YOUR TASK: For this exercise, repeat the whole listing below exactly. Leave the pictures out.

MATERIAL PROVIDED:
-*-*-

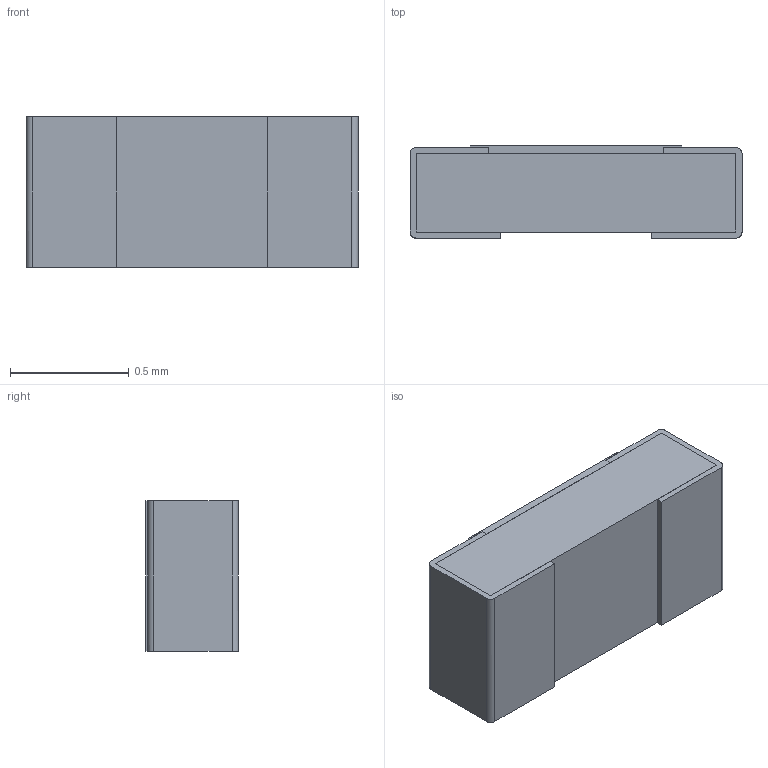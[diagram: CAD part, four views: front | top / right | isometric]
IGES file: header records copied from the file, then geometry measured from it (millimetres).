
Global section: file name: PTN0502; native system: Autodesk Inventor LT ; preprocessor: unknown; author: Neil; date: 20200108.145533; units: inch
Bounding box: 1.4 x 0.39 x 0.64 mm (x, y, z)
Volume: 0.3 mm3; surface area: 7.7 mm2
Topology: 5 solids, 5 shells, 82 faces, 216 edges, 144 vertices
Faces by surface type: bspline 82
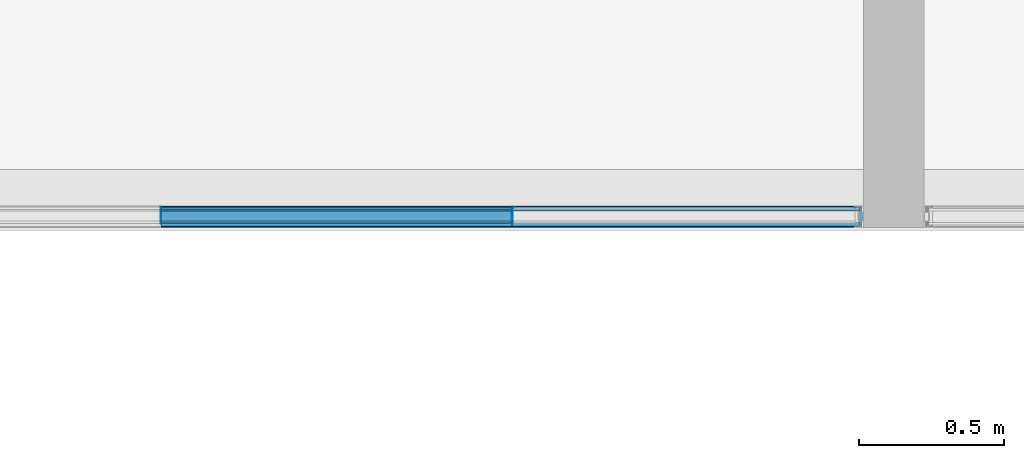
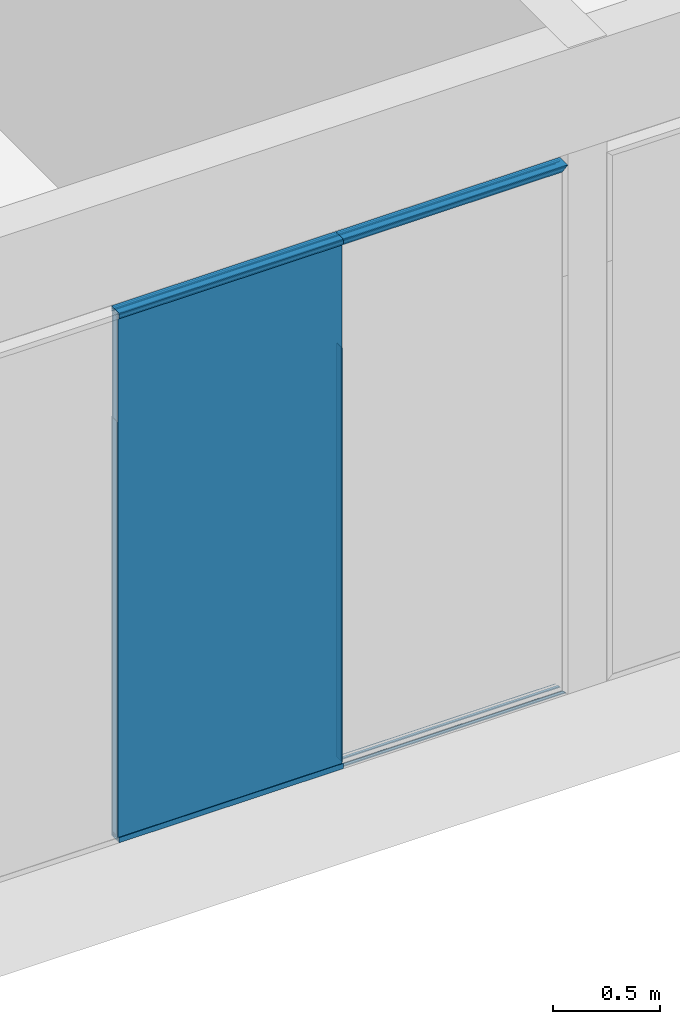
# One storey, part 43 of 387: 13 building element parts, 8 elements without a shape of their own.
"""IFC2X3 building model written with IfcOpenShell, lengths in millimetres."""

import ifcopenshell
import ifcopenshell.guid

model = None  # the IFC model being written
_history = None  # IfcOwnerHistory: only IFC2X3 demands one
_inside = {}  # id of a spatial element -> (the spatial element, [elements in it])
_under = {}  # id of a project, library or spatial element -> (it, [spatial elements below it])
_declared = {}  # id of a project -> (the project, [libraries it declares])
_typed = {}  # id of a type object -> (the type object, [elements of that type])
_made_of = {}  # id of a material, layer set ... -> (it, [elements and type objects made of it])


def new_model(schema):
    """Start an empty IFC model of exactly this schema.

    Asked for "IFC4X3", IfcOpenShell would pick the latest addendum, in which some entities
    have other attributes; the version numbers below select the first issue.
    IFC2X3 requires an IfcOwnerHistory on every rooted entity: one is made here for all.
    """
    global model, _history
    if schema == "IFC4X3":
        model = ifcopenshell.file(schema_version=(4, 3, 0, 0))
    else:
        model = ifcopenshell.file(schema=schema)
    _inside.clear()
    _under.clear()
    _declared.clear()
    _typed.clear()
    _made_of.clear()
    _history = None
    if model.schema == "IFC2X3":
        org = make("IfcOrganization", Name="unknown")
        user = make(
            "IfcPersonAndOrganization",
            ThePerson=make("IfcPerson", FamilyName="unknown"),
            TheOrganization=org,
        )
        app = make(
            "IfcApplication",
            ApplicationDeveloper=org,
            Version="unknown",
            ApplicationFullName="unknown",
            ApplicationIdentifier="unknown",
        )
        _history = make(
            "IfcOwnerHistory",
            OwningUser=user,
            OwningApplication=app,
            ChangeAction="ADDED",
            CreationDate=0,
        )
    return model


def make(cls, **values):
    """One entity of the class cls with the attributes given. An attribute that is None is left unset."""
    return model.create_entity(
        cls, **{name: value for name, value in values.items() if value is not None}
    )


def entity(cls, *values):
    """Any entity or typed value of the class cls, its attributes in the order of the schema. None: left unset."""
    e = model.create_entity(cls)
    for i, value in enumerate(values):
        if value is not None:
            e[i] = value
    return e


def rooted(cls, **values):
    """An entity with a GlobalId (a new one), such as an element, a storey or a relation."""
    return make(cls, GlobalId=ifcopenshell.guid.new(), OwnerHistory=_history, **values)


def si_unit(unit_type, name, prefix=None):
    """IfcSIUnit, for example si_unit("LENGTHUNIT", "METRE", prefix="MILLI")."""
    return make("IfcSIUnit", UnitType=unit_type, Prefix=prefix, Name=name)


def converted_unit(unit_type, name, factor, base, dimensions=None, offset=None):
    """IfcConversionBasedUnit, such as the inch: factor (a typed value) times the base unit."""
    return make(
        "IfcConversionBasedUnit"
        if offset is None
        else "IfcConversionBasedUnitWithOffset",
        ConversionOffset=offset,
        Dimensions=None
        if dimensions is None
        else entity("IfcDimensionalExponents", *dimensions),
        UnitType=unit_type,
        Name=name,
        ConversionFactor=make(
            "IfcMeasureWithUnit", ValueComponent=factor, UnitComponent=base
        ),
    )


def derived_unit(unit_type, elements):
    """IfcDerivedUnit: a product of units, each with its exponent."""
    return make(
        "IfcDerivedUnit",
        Elements=[
            make("IfcDerivedUnitElement", Unit=unit, Exponent=power)
            for unit, power in elements
        ],
        UnitType=unit_type,
    )


def money_unit(currency):
    """IfcMonetaryUnit."""
    return make("IfcMonetaryUnit", Currency=currency)


def assignment(units):
    """IfcUnitAssignment: the units of a project."""
    return None if units is None else make("IfcUnitAssignment", Units=units)


def point(xyz):
    """IfcCartesianPoint."""
    return None if xyz is None else make("IfcCartesianPoint", Coordinates=xyz)


def direction(xyz):
    """IfcDirection."""
    return None if xyz is None else make("IfcDirection", DirectionRatios=xyz)


def frame(location, z_axis=None, x_axis=None):
    """IfcAxis2Placement3D, a coordinate frame: its origin and axes. An axis left out is left unset."""
    return make(
        "IfcAxis2Placement3D",
        Location=point(location),
        Axis=direction(z_axis),
        RefDirection=direction(x_axis),
    )


def origin_with_axes():
    """The frame at (0, 0, 0) with the z axis (0, 0, 1) and the x axis (1, 0, 0) written out."""
    return frame((0.0, 0.0, 0.0), z_axis=(0.0, 0.0, 1.0), x_axis=(1.0, 0.0, 0.0))


def place(relative_to, where):
    """IfcLocalPlacement: puts the frame where relative to a parent placement (None: the world)."""
    return make(
        "IfcLocalPlacement", PlacementRelTo=relative_to, RelativePlacement=where
    )


def context(
    kind, dimensions, precision=None, world=None, true_north=None, identifier=None
):
    """IfcGeometricRepresentationContext, for example the 3D "Model" context."""
    return make(
        "IfcGeometricRepresentationContext",
        ContextIdentifier=identifier,
        ContextType=kind,
        CoordinateSpaceDimension=dimensions,
        Precision=precision,
        WorldCoordinateSystem=world,
        TrueNorth=true_north,
    )


def subcontext(parent, identifier, kind, view, scale=None):
    """IfcGeometricRepresentationSubContext, for example "Body" below "Model"."""
    return make(
        "IfcGeometricRepresentationSubContext",
        ContextIdentifier=identifier,
        ContextType=kind,
        ParentContext=parent,
        TargetScale=scale,
        TargetView=view,
    )


def project(units=None, contexts=None):
    """IfcProject with its units and contexts."""
    return rooted(
        "IfcProject",
        Name="project",
        RepresentationContexts=contexts,
        UnitsInContext=assignment(units),
    )


def spatial(cls, under=None, at=None, **own):
    """A site, building, storey or space (cls), placed at a placement, below another one or the project."""
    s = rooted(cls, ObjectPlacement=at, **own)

-*-*-

RESULT BELOW:
[diagram: CAD part, four views: front | top / right | isometric]
IGES file: header records copied from the file, then geometry measured from it (millimetres).
Global section: file name: PTN0502; native system: Autodesk Inventor LT ; preprocessor: unknown; author: Neil; date: 20200108.145533; units: inch
Bounding box: 1.4 x 0.39 x 0.64 mm (x, y, z)
Volume: 0.3 mm3; surface area: 7.7 mm2
Topology: 5 solids, 5 shells, 82 faces, 216 edges, 144 vertices
Faces by surface type: bspline 82
# One storey, part 43 of 387: 13 building element parts, 8 elements without a shape of their own.
"""IFC2X3 building model written with IfcOpenShell, lengths in millimetres."""

import ifcopenshell
import ifcopenshell.guid

model = None  # the IFC model being written
_history = None  # IfcOwnerHistory: only IFC2X3 demands one
_inside = {}  # id of a spatial element -> (the spatial element, [elements in it])
_under = {}  # id of a project, library or spatial element -> (it, [spatial elements below it])
_declared = {}  # id of a project -> (the project, [libraries it declares])
_typed = {}  # id of a type object -> (the type object, [elements of that type])
_made_of = {}  # id of a material, layer set ... -> (it, [elements and type objects made of it])


def new_model(schema):
    """Start an empty IFC model of exactly this schema.

    Asked for "IFC4X3", IfcOpenShell would pick the latest addendum, in which some entities
    have other attributes; the version numbers below select the first issue.
    IFC2X3 requires an IfcOwnerHistory on every rooted entity: one is made here for all.
    """
    global model, _history
    if schema == "IFC4X3":
        model = ifcopenshell.file(schema_version=(4, 3, 0, 0))
    else:
        model = ifcopenshell.file(schema=schema)
    _inside.clear()
    _under.clear()
    _declared.clear()
    _typed.clear()
    _made_of.clear()
    _history = None
    if model.schema == "IFC2X3":
        org = make("IfcOrganization", Name="unknown")
        user = make(
            "IfcPersonAndOrganization",
            ThePerson=make("IfcPerson", FamilyName="unknown"),
            TheOrganization=org,
        )
        app = make(
            "IfcApplication",
            ApplicationDeveloper=org,
            Version="unknown",
            ApplicationFullName="unknown",
            ApplicationIdentifier="unknown",
        )
        _history = make(
            "IfcOwnerHistory",
            OwningUser=user,
            OwningApplication=app,
            ChangeAction="ADDED",
            CreationDate=0,
        )
    return model


def make(cls, **values):
    """One entity of the class cls with the attributes given. An attribute that is None is left unset."""
    return model.create_entity(
        cls, **{name: value for name, value in values.items() if value is not None}
    )


def entity(cls, *values):
    """Any entity or typed value of the class cls, its attributes in the order of the schema. None: left unset."""
    e = model.create_entity(cls)
    for i, value in enumerate(values):
        if value is not None:
            e[i] = value
    return e


def rooted(cls, **values):
    """An entity with a GlobalId (a new one), such as an element, a storey or a relation."""
    return make(cls, GlobalId=ifcopenshell.guid.new(), OwnerHistory=_history, **values)


def si_unit(unit_type, name, prefix=None):
    """IfcSIUnit, for example si_unit("LENGTHUNIT", "METRE", prefix="MILLI")."""
    return make("IfcSIUnit", UnitType=unit_type, Prefix=prefix, Name=name)


def converted_unit(unit_type, name, factor, base, dimensions=None, offset=None):
    """IfcConversionBasedUnit, such as the inch: factor (a typed value) times the base unit."""
    return make(
        "IfcConversionBasedUnit"
        if offset is None
        else "IfcConversionBasedUnitWithOffset",
        ConversionOffset=offset,
        Dimensions=None
        if dimensions is None
        else entity("IfcDimensionalExponents", *dimensions),
        UnitType=unit_type,
        Name=name,
        ConversionFactor=make(
            "IfcMeasureWithUnit", ValueComponent=factor, UnitComponent=base
        ),
    )


def derived_unit(unit_type, elements):
    """IfcDerivedUnit: a product of units, each with its exponent."""
    return make(
        "IfcDerivedUnit",
        Elements=[
            make("IfcDerivedUnitElement", Unit=unit, Exponent=power)
            for unit, power in elements
        ],
        UnitType=unit_type,
    )


def money_unit(currency):
    """IfcMonetaryUnit."""
    return make("IfcMonetaryUnit", Currency=currency)


def assignment(units):
    """IfcUnitAssignment: the units of a project."""
    return None if units is None else make("IfcUnitAssignment", Units=units)


def point(xyz):
    """IfcCartesianPoint."""
    return None if xyz is None else make("IfcCartesianPoint", Coordinates=xyz)


def direction(xyz):
    """IfcDirection."""
    return None if xyz is None else make("IfcDirection", DirectionRatios=xyz)


def frame(location, z_axis=None, x_axis=None):
    """IfcAxis2Placement3D, a coordinate frame: its origin and axes. An axis left out is left unset."""
    return make(
        "IfcAxis2Placement3D",
        Location=point(location),
        Axis=direction(z_axis),
        RefDirection=direction(x_axis),
    )


def origin_with_axes():
    """The frame at (0, 0, 0) with the z axis (0, 0, 1) and the x axis (1, 0, 0) written out."""
    return frame((0.0, 0.0, 0.0), z_axis=(0.0, 0.0, 1.0), x_axis=(1.0, 0.0, 0.0))


def place(relative_to, where):
    """IfcLocalPlacement: puts the frame where relative to a parent placement (None: the world)."""
    return make(
        "IfcLocalPlacement", PlacementRelTo=relative_to, RelativePlacement=where
    )


def context(
    kind, dimensions, precision=None, world=None, true_north=None, identifier=None
):
    """IfcGeometricRepresentationContext, for example the 3D "Model" context."""
    return make(
        "IfcGeometricRepresentationContext",
        ContextIdentifier=identifier,
        ContextType=kind,
        CoordinateSpaceDimension=dimensions,
        Precision=precision,
        WorldCoordinateSystem=world,
        TrueNorth=true_north,
    )


def subcontext(parent, identifier, kind, view, scale=None):
    """IfcGeometricRepresentationSubContext, for example "Body" below "Model"."""
    return make(
        "IfcGeometricRepresentationSubContext",
        ContextIdentifier=identifier,
        ContextType=kind,
        ParentContext=parent,
        TargetScale=scale,
        TargetView=view,
    )


def project(units=None, contexts=None):
    """IfcProject with its units and contexts."""
    return rooted(
        "IfcProject",
        Name="project",
        RepresentationContexts=contexts,
        UnitsInContext=assignment(units),
    )


def spatial(cls, under=None, at=None, **own):
    """A site, building, storey or space (cls), placed at a placement, below another one or the project."""
    s = rooted(cls, ObjectPlacement=at, **own)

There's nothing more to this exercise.